QU'ES CE QUE LA REVOLUTION ?

Publié le par Patrick Kaczmarek

Il est émouvant d’introduire avec beaucoup d’humilité, une journée de réflexion consacrée aux questions suivantes : qu’est ce que la révolution ? Qu’est ce qu’une révolution ? Qu’y a-t-il de révolutionnaire dans un mouvement populaire ? Je m’efforcerai d’esquisser une réflexion en relevant le défi sur ¼ heure. Nous proposerons une analyse qui tentera de globaliser philosophie, histoire et politique.

Il y a eu des émeutes, des révoltes, des jacqueries, des luttes de libération anticoloniale, il y a eu des « révolutions » fascistes  (Mussolini, Peron, Hitler). Il y a des « révolutions » islamistes.

 

Les masses font l’histoire mais les peuples n’ont pas toujours raison. Y-a-t-il confusion inhérente au terme révolution ?

Nous allons essayer d’y voir plus clair.

 

Mon propos sera structuré en trois temps :

Que signifie le mot révolution ?

Comment le concept s’est-il décliné au fil de l’histoire ?

Quelles sont les enjeux révolutionnaires actuels ?

 

Je pense qu’il y a eu peu de révolutions dans l’Histoire de l’Humanité mais une forme archaïque de révolution retient mon attention. La révolte des esclaves de Spartacus qui en revendiquant radicalement le droit à la dignité s’attaque au mode de production de l’époque : l’esclavage ; c’est en quoi cet événement peut être retenu comme mouvement révolutionnaire avorté.

 

Mais n’en restons pas là.

 

Pour simplifier sans être simpliste, nous allons partir d’un système référentiel d’une prise de parti, soyons clairs du marxisme, pour qui la révolution est un changement de mode de production selon un mode plus ou moins brutal :

-       Soit la maturation d’une révolte bourgeoise anti féodale

-       Soit à partir d’expériences nationales (Cuba, Vietnam, Algérie, la Chine).

-       Soit dans le développement des expériences révolutionnaires menées à partir de principes idéologiques issus du Marxisme dans le cadre de l’internationalisme. C’est l’époque où l’internationale, les internationales dictent aux peuples la marche à suivre. On peut y inclure la révolution soviétique.
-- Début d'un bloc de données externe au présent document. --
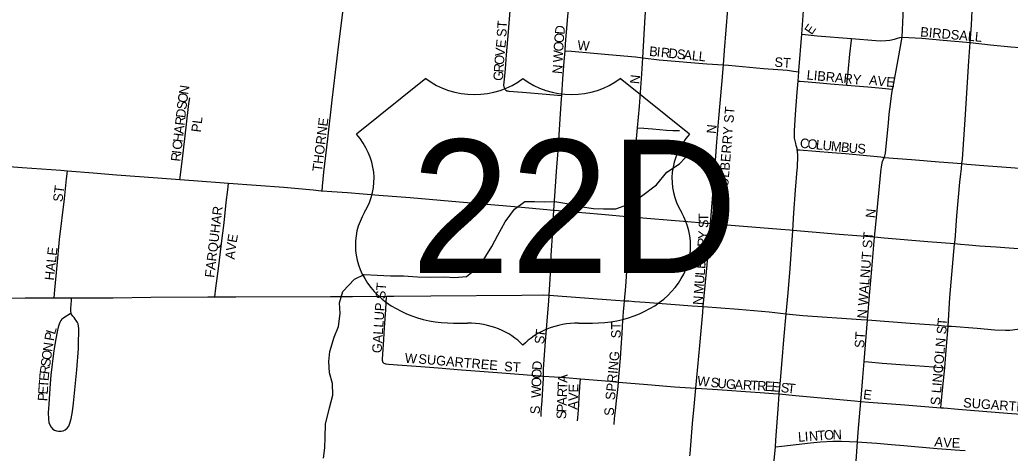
# Model space of a CAD drawing. Extents: x 1442749 to 1756758, y 235267 to 677782.
# Drawn here: x 1589318 to 1594493, y 528459 to 530721 of the extents above; entities that cross this region are included whole.
import ezdxf

# ---------------------------------------------------------------- set-up
doc = ezdxf.new("R2010")
doc.units = 0
for name, color, linetype in [('GM_X_City_Street', 7, 'Continuous'), ('GM_X_City_Street_Text', 7, 'Continuous'), ('GM_X_Minor_River', 7, 'Continuous'), ('GM_X_State_Route', 7, 'Continuous'), ('GM_X_US_Location', 7, 'Continuous'), ('GM_X_US_Route', 7, 'Continuous'), ('GM_X_US_Shield', 7, 'Continuous')]:
    doc.layers.add(name, color=color, linetype=linetype)

msp = doc.modelspace()

# ---------------------------------------------------------------- linework, layer by layer
at = {"layer": 'GM_X_City_Street'}
for points in [[(1592573.6, 530522.8), (1592585.8, 530736.9), (1592601.4, 530929.6), (1592609.7, 531027.5), (1592621.3, 531194.3), (1592623.1, 531215.5)], [(1592994.4, 530485.4), (1593000.3, 530560.4), (1593017.9, 530776.1), (1593025, 530874.3), (1593035.7, 531031.4), (1593047.5, 531148.8), (1593050.4, 531177.6)], [(1593927.3, 530631.3), (1593936.1, 530822), (1593940.5, 530909.9), (1593945.1, 531000.7), (1593949.4, 531070.5), (1593951.7, 531099.4)], [(1590897.7, 529827.2), (1590900.2, 529853.6), (1590906.9, 529926.7), (1590927, 530099.5), (1590949.5, 530301.5), (1590985.7, 530594.5), (1591012.7, 530815.8), (1591025.2, 530906.5)], [(1591856.2, 530355.2), (1591851.9, 530363.2), (1591849.4, 530370.2), (1591847.8, 530381.7), (1591848.3, 530394.7), (1591855.2, 530466.1), (1591861.4, 530537.9), (1591871, 530658.6), (1591879.4, 530769.7), (1591887, 530857.7), (1591887.2, 530860.6)], [(1592167, 530559.8), (1592169.7, 530595.7), (1592186.3, 530799.3), (1592189.4, 530836.4)], [(1593403.4, 530645.9), (1593420.5, 530644.3), (1593484.5, 530638.4), (1593664.3, 530623.6)], [(1593664.3, 530623.6), (1593790.1, 530613.2), (1593815.2, 530611.6), (1593842.3, 530613.1), (1593862.9, 530615.5), (1593887.5, 530620), (1593903.8, 530625.4), (1593916.5, 530629.3), (1593927.3, 530631.3)], [(1593878.5, 530358.8), (1593880.5, 530370.9), (1593907.4, 530513.9), (1593927.3, 530631.3)], [(1593927.3, 530631.3), (1594030.7, 530625.9), (1594141.5, 530615.6), (1594264.9, 530604.1), (1594283.5, 530602.2)], [(1593638.8, 530380.6), (1593639.2, 530384.2), (1593646.2, 530448.4), (1593655.2, 530542.4), (1593663.3, 530614.8), (1593664.3, 530623.6)], [(1594283.5, 530602.2), (1594389.4, 530591.3), (1594496.3, 530580.3), (1594589.4, 530573.6), (1594692.2, 530566.2)], [(1592149.5, 530326), (1592156, 530413.5), (1592162.6, 530503.6), (1592167, 530559.8)], [(1592167, 530559.8), (1592201.3, 530556.8), (1592317.1, 530546.9), (1592394.2, 530539.9), (1592534.6, 530527.3), (1592573.6, 530522.8)], [(1592545.6, 530157.5), (1592555.5, 530269.4), (1592568.8, 530439.2), (1592573.6, 530522.8)], [(1592573.6, 530522.8), (1592658.5, 530513.1), (1592907, 530491.1), (1592994.4, 530485.4)], [(1592925.9, 529656.5), (1592949.7, 529939.3), (1592959.9, 530083.1), (1592969.9, 530207.3), (1592986.4, 530383.7), (1592994.4, 530485.4)], [(1592994.4, 530485.4), (1593021.5, 530483.6), (1593204.4, 530467.9), (1593328.6, 530458), (1593360.8, 530453.8), (1593388.1, 530450.3)], [(1593384.4, 530401.1), (1593394.4, 530400.3), (1593498.7, 530392), (1593554.3, 530387.5), (1593638.8, 530380.6)], [(1593638.8, 530380.6), (1593747.9, 530371.8), (1593806.6, 530366), (1593858.9, 530360.8), (1593878.5, 530358.8)], [(1591856.2, 530355.2), (1591863, 530350.9), (1591867.4, 530349.9), (1591872.3, 530349.1), (1591944.6, 530343.9), (1592068.9, 530333.7), (1592128.1, 530328.1), (1592149.5, 530326)], [(1592108, 529725.9), (1592115, 529827.3), (1592123.7, 529954.3), (1592130.1, 530036.1), (1592141.7, 530204.8), (1592148.7, 530309.4), (1592149.5, 530326)], [(1593834.3, 530002.8), (1593837.3, 530010.5), (1593840.6, 530024.7), (1593843.2, 530044.9), (1593846.2, 530076.6), (1593856.5, 530184.2), (1593860.2, 530229.1), (1593863.6, 530254.1), (1593874.9, 530336.6), (1593878.5, 530358.8)], [(1590153.5, 529886.6), (1590158.9, 529926), (1590170.4, 530010.6), (1590188, 530160.8), (1590202, 530284.9), (1590206.1, 530314.3)], [(1592508.9, 529691.7), (1592514.6, 529779.4), (1592524.2, 529903.7), (1592533.9, 530024.6), (1592545.6, 530157.5)], [(1592545.6, 530157.5), (1592577.8, 530155), (1592623.1, 530151.6), (1592697.7, 530145), (1592730.3, 530143.1), (1592745.7, 530142.6), (1592764.9, 530143.1)], [(1593380, 530042.5), (1593391.4, 530041.7), (1593563, 530028.9), (1593631.7, 530022.8), (1593705.3, 530015.6), (1593816.6, 530005.1), (1593834.3, 530002.8)], [(1593784.4, 529586.2), (1593790.1, 529653.3), (1593817.1, 529925.8), (1593818.8, 529940.9), (1593820.1, 529952.4), (1593821.8, 529963.5), (1593823.9, 529972.9), (1593826, 529981.5), (1593834.3, 530002.8)], [(1593834.3, 530002.8), (1593976.1, 529991.8), (1594122.1, 529980.4), (1594240.6, 529970.4)], [(1594240.6, 529970.4), (1594266, 529968.2), (1594376.7, 529959.6), (1594543.1, 529946.5), (1594641.4, 529938.8)], [(1589497.2, 529270.1), (1589501.3, 529311), (1589513.8, 529438.1), (1589525.9, 529575.2), (1589551.4, 529786.7), (1589562.5, 529890.7), (1589566.8, 529931.2)], [(1590337.4, 529274.7), (1590343.1, 529320), (1590356.1, 529423.8), (1590372.7, 529554.2), (1590385.6, 529662), (1590397, 529767.8), (1590404.6, 529834.4), (1590408.3, 529867.3)], [(1592084.7, 529283.8), (1592090.5, 529397.7), (1592095.1, 529491.6), (1592102.3, 529619.4), (1592106.2, 529700.3), (1592108, 529725.9)], [(1592477.4, 529255), (1592483.7, 529329.7), (1592489.3, 529408), (1592493.8, 529479.6), (1592497.7, 529538.2), (1592503.8, 529622.7), (1592507.1, 529665), (1592508.9, 529691.7)], [(1592889.3, 529224.1), (1592894.1, 529277.9), (1592908.5, 529441.6), (1592923.8, 529630.9), (1592925.9, 529656.5)], [(1593746.8, 529154.3), (1593759.1, 529300.8), (1593768.8, 529419.3), (1593784.4, 529586.2)], [(1592053.8, 528861.8), (1592055.1, 528898.3), (1592056.9, 528947.3), (1592064.9, 529041.9), (1592071.8, 529126.6), (1592082.3, 529254.3), (1592084.7, 529283.8)], [(1589586, 529190.5), (1589584.9, 529200.7), (1589585.4, 529213.7), (1589586.4, 529234.4), (1589587.9, 529255.5), (1589589, 529270.4)], [(1591218, 528930.6), (1591215.3, 528934.1), (1591214.2, 528937.7), (1591213.6, 528943.3), (1591213.6, 528950.2), (1591214.4, 528975.8), (1591219.7, 529053), (1591223.9, 529114.3), (1591230.3, 529207.7), (1591234.1, 529278.5)], [(1592446.4, 528830.6), (1592448.4, 528858.3), (1592451.2, 528895.8), (1592456, 528954.9), (1592461.4, 529035.6), (1592464.8, 529084.5), (1592467.5, 529124.2), (1592473, 529196.5), (1592475.9, 529233.9), (1592477.4, 529255)], [(1589586, 529190.5), (1589542.7, 529162), (1589537.6, 529158.4), (1589532.5, 529151.9), (1589527, 529141.8), (1589523, 529131.7), (1589519, 529116.6), (1589513, 529092), (1589506.5, 529055.5), (1589496.2, 528994.2), (1589480.5, 528867.1), (1589475, 528798.3), (1589469.7, 528712.6), (1589467.2, 528671.8), (1589468.7, 528637.3), (1589470.5, 528620), (1589475.1, 528606.6), (1589481.8, 528594.3), (1589490.8, 528584.2), (1589499.4, 528579.2), (1589509.4, 528575.7), (1589519.6, 528574.2), (1589533.9, 528573.7), (1589544.6, 528575.9), (1589554.5, 528580.3), (1589565.8, 528589.2), (1589573.9, 528599.8), (1589579.9, 528614.9), (1589586.4, 528639.1), (1589593.5, 528676.8), (1589599, 528720.6), (1589611.6, 528841.9), (1589616.1, 528894.2), (1589624.2, 529005.4), (1589625.7, 529044.7), (1589626.7, 529085.4), (1589626.7, 529110.1), (1589625.7, 529122.2), (1589623.2, 529134.2), (1589619.6, 529141.8), (1589612.6, 529152.4), (1589608.1, 529158.9), (1589601.5, 529166.5), (1589596, 529174), (1589587.2, 529187.2), (1589586, 529190.5)], [(1592850, 528798.7), (1592871.6, 529021.5), (1592886.6, 529193.9), (1592889.3, 529224.1)], [(1593729.3, 528936.8), (1593733.2, 528981.8), (1593746.8, 529154.3)], [(1594150.5, 528904.7), (1594157, 528975), (1594168.5, 529122.8)], [(1591218, 528930.6), (1591220.8, 528928.3), (1591224.5, 528926.8), (1591228.8, 528925.9), (1591233, 528925.4), (1591245.3, 528924), (1591316.5, 528918.9), (1591413.8, 528911.8), (1591503.2, 528904.2), (1591626.3, 528894), (1591675, 528890), (1591836.2, 528878.2), (1591991.4, 528866.8), (1592053.8, 528861.8)], [(1593712.1, 528729.4), (1593715.3, 528767.7), (1593722.1, 528854.4), (1593729.3, 528936.8)], [(1593729.3, 528936.8), (1593752.5, 528935.1), (1593822.9, 528929.7), (1593944.3, 528920.4), (1594044.4, 528912.8), (1594091.4, 528909.2), (1594150.5, 528904.7)], [(1594130.9, 528696.6), (1594132.7, 528716), (1594141.1, 528805.1), (1594150.5, 528904.7)], [(1592041.6, 528651.1), (1592041.4, 528667.4), (1592043.9, 528696.6), (1592046.9, 528732.4), (1592051.5, 528796.6), (1592053.7, 528848.4), (1592053.8, 528861.8)], [(1592053.8, 528861.8), (1592168.7, 528853.9), (1592247.1, 528847.3)], [(1592232.7, 528628.7), (1592233.7, 528644.2), (1592236.3, 528684.8), (1592238.2, 528713.7), (1592240.7, 528752.2), (1592242.3, 528775.8), (1592244.2, 528804.8), (1592245.8, 528828.6), (1592247.1, 528847.3)], [(1592247.1, 528847.3), (1592401.1, 528834.4), (1592446.4, 528830.6)], [(1592422.7, 528609.4), (1592426, 528640.5), (1592430.5, 528682.4), (1592435.9, 528732.6), (1592440.5, 528775.7), (1592443.8, 528806.8), (1592446.4, 528830.6)], [(1592446.4, 528830.6), (1592596.8, 528817.9), (1592739, 528806), (1592850, 528798.7)], [(1592819.5, 528445.7), (1592820.3, 528456.5), (1592833.3, 528614.1), (1592841.2, 528702.1), (1592850, 528798.7)], [(1592850, 528798.7), (1592936.8, 528793.3), (1593014.1, 528787.8), (1593109.3, 528781.1), (1593186.1, 528775.6), (1593254.3, 528770.8), (1593286.3, 528768.6)], [(1593286.3, 528768.6), (1593370.2, 528760.8), (1593679.7, 528732.3), (1593712.1, 528729.4)], [(1593695, 528518), (1593698.8, 528568.5), (1593712.1, 528729.4)], [(1593712.1, 528729.4), (1593753.1, 528725.8), (1593825, 528719.5), (1593942.9, 528711.4), (1594130.9, 528696.6)], [(1594130.9, 528696.6), (1594145.4, 528695.5), (1594220.5, 528689.6), (1594478.6, 528668.2), (1594736.7, 528648.5), (1594797.3, 528643.8)], [(1593265.5, 528492.5), (1593299.6, 528496.4), (1593449.6, 528513.3), (1593501.2, 528518), (1593565.7, 528521.4), (1593611.6, 528522), (1593695, 528518)], [(1593679.6, 528317.1), (1593687.5, 528418.1), (1593695, 528518)], [(1593695, 528518), (1593718, 528516.9), (1593796.3, 528511.4), (1593873.2, 528505.1), (1593937.4, 528499.2), (1594110.2, 528484.2), (1594229.5, 528474.7), (1594257.4, 528472.4)]]:
    msp.add_lwpolyline(points, dxfattribs=at)
at = {"layer": 'GM_X_Minor_River'}
msp.add_lwpolyline([(1590905.5, 528432.7), (1590912.2, 528486.8), (1590912.8, 528542.9), (1590915.6, 528611.1), (1590936.7, 528695.1), (1590953.5, 528761.1), (1590952.2, 528823.3), (1590936.8, 528877.7), (1590933.5, 528937.9), (1590938.1, 528990), (1590961, 529063.9), (1590983.8, 529119.9), (1590992.6, 529188), (1590989.2, 529244.2), (1591005.9, 529302.2), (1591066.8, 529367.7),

-       Mais aussi le processus révolutionnaire peut s’inscrire dans le cadre d’un dépassement du capitalisme amenant à sa liquidation, à la fin de son rôle historique. Cela dépend du niveau de démocratie au moment historique donné nécessitant une résolution révolutionnaire.

 

Ainsi le point de rupture révolutionnaire est-il le moment où les forces productives matérielles de la société entrent en contradiction avec les rapports de production existants. Ce point est un point de rupture tant économique que sociale, philosophique. A cette contradiction s’ajoute la remise en cause de l’expression juridique qui s’appuie sur un certain type de propriété.

Les forces productives en se développant dénoncent les entraves au développement économique. La lutte de classe devient la locomotive de l’histoire.

 

La révolution ne doit pas être réduite à un changement plus ou moins brusque et violent de la structure politique et sociale d’un état. L’auteur du capital ne doit pas être réduit à un économiste même si Alain Minc reconnait qu’il est le premier à déceler la dynamique intrinsèque du capitalisme.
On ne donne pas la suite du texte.